What you should do: Repeat each entry verbatim.

Data in this exercise:
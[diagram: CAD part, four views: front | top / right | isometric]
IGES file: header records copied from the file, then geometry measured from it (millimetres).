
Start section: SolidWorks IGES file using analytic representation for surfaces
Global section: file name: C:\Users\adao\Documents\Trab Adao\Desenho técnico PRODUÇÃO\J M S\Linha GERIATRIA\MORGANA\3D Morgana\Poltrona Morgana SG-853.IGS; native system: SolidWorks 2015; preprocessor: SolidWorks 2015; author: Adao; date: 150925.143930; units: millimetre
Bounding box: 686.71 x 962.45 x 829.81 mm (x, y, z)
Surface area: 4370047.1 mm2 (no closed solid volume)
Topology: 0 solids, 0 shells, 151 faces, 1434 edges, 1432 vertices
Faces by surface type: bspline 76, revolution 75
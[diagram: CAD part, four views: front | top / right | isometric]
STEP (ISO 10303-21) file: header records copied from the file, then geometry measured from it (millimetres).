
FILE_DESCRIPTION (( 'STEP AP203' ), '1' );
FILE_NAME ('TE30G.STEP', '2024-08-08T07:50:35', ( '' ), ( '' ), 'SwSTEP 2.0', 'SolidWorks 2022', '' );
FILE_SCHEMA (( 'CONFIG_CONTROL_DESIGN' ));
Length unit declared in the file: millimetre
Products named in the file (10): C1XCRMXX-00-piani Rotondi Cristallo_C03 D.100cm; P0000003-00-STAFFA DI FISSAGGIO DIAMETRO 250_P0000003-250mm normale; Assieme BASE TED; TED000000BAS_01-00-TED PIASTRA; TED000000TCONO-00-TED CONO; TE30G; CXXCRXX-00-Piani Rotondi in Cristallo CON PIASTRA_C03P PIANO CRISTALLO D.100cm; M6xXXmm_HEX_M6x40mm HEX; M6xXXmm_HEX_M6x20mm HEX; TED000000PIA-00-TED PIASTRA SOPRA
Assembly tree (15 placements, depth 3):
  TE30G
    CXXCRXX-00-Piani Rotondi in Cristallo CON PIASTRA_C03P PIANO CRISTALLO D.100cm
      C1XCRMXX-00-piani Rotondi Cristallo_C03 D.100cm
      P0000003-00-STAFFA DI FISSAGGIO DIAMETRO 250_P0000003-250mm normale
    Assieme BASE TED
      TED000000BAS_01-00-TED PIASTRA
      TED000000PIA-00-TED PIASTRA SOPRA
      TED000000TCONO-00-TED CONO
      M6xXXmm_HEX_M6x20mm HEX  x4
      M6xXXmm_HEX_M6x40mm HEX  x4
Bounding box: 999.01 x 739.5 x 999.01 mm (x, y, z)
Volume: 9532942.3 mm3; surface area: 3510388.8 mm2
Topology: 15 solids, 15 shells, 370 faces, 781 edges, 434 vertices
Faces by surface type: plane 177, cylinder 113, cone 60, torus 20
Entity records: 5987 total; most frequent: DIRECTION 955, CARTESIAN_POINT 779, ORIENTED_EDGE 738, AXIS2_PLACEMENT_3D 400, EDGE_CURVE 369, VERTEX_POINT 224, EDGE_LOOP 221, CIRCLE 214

Result for this exercise:
[diagram: CAD part, four views: front | top / right | isometric]
IGES file: header records copied from the file, then geometry measured from it (millimetres).
Start section: SolidWorks IGES file using analytic representation for surfaces
Global section: file name: C:\Users\adao\Documents\Trab Adao\Desenho técnico PRODUÇÃO\J M S\Linha GERIATRIA\MORGANA\3D Morgana\Poltrona Morgana SG-853.IGS; native system: SolidWorks 2015; preprocessor: SolidWorks 2015; author: Adao; date: 150925.143930; units: millimetre
Bounding box: 686.71 x 962.45 x 829.81 mm (x, y, z)
Surface area: 4370047.1 mm2 (no closed solid volume)
Topology: 0 solids, 0 shells, 151 faces, 1434 edges, 1432 vertices
Faces by surface type: bspline 76, revolution 75
[diagram: CAD part, four views: front | top / right | isometric]
STEP (ISO 10303-21) file: header records copied from the file, then geometry measured from it (millimetres).
FILE_DESCRIPTION (( 'STEP AP203' ), '1' );
FILE_NAME ('TE30G.STEP', '2024-08-08T07:50:35', ( '' ), ( '' ), 'SwSTEP 2.0', 'SolidWorks 2022', '' );
FILE_SCHEMA (( 'CONFIG_CONTROL_DESIGN' ));
Length unit declared in the file: millimetre
Products named in the file (10): C1XCRMXX-00-piani Rotondi Cristallo_C03 D.100cm; P0000003-00-STAFFA DI FISSAGGIO DIAMETRO 250_P0000003-250mm normale; Assieme BASE TED; TED000000BAS_01-00-TED PIASTRA; TED000000TCONO-00-TED CONO; TE30G; CXXCRXX-00-Piani Rotondi in Cristallo CON PIASTRA_C03P PIANO CRISTALLO D.100cm; M6xXXmm_HEX_M6x40mm HEX; M6xXXmm_HEX_M6x20mm HEX; TED000000PIA-00-TED PIASTRA SOPRA
Assembly tree (15 placements, depth 3):
  TE30G
    CXXCRXX-00-Piani Rotondi in Cristallo CON PIASTRA_C03P PIANO CRISTALLO D.100cm
      C1XCRMXX-00-piani Rotondi Cristallo_C03 D.100cm
      P0000003-00-STAFFA DI FISSAGGIO DIAMETRO 250_P0000003-250mm normale
    Assieme BASE TED
      TED000000BAS_01-00-TED PIASTRA
      TED000000PIA-00-TED PIASTRA SOPRA
      TED000000TCONO-00-TED CONO
      M6xXXmm_HEX_M6x20mm HEX  x4
      M6xXXmm_HEX_M6x40mm HEX  x4
Bounding box: 999.01 x 739.5 x 999.01 mm (x, y, z)
Volume: 9532942.3 mm3; surface area: 3510388.8 mm2
Topology: 15 solids, 15 shells, 370 faces, 781 edges, 434 vertices
Faces by surface type: plane 177, cylinder 113, cone 60, torus 20
Entity records: 5987 total; most frequent: DIRECTION 955, CARTESIAN_POINT 779, ORIENTED_EDGE 738, AXIS2_PLACEMENT_3D 400, EDGE_CURVE 369, VERTEX_POINT 224, EDGE_LOOP 221, CIRCLE 214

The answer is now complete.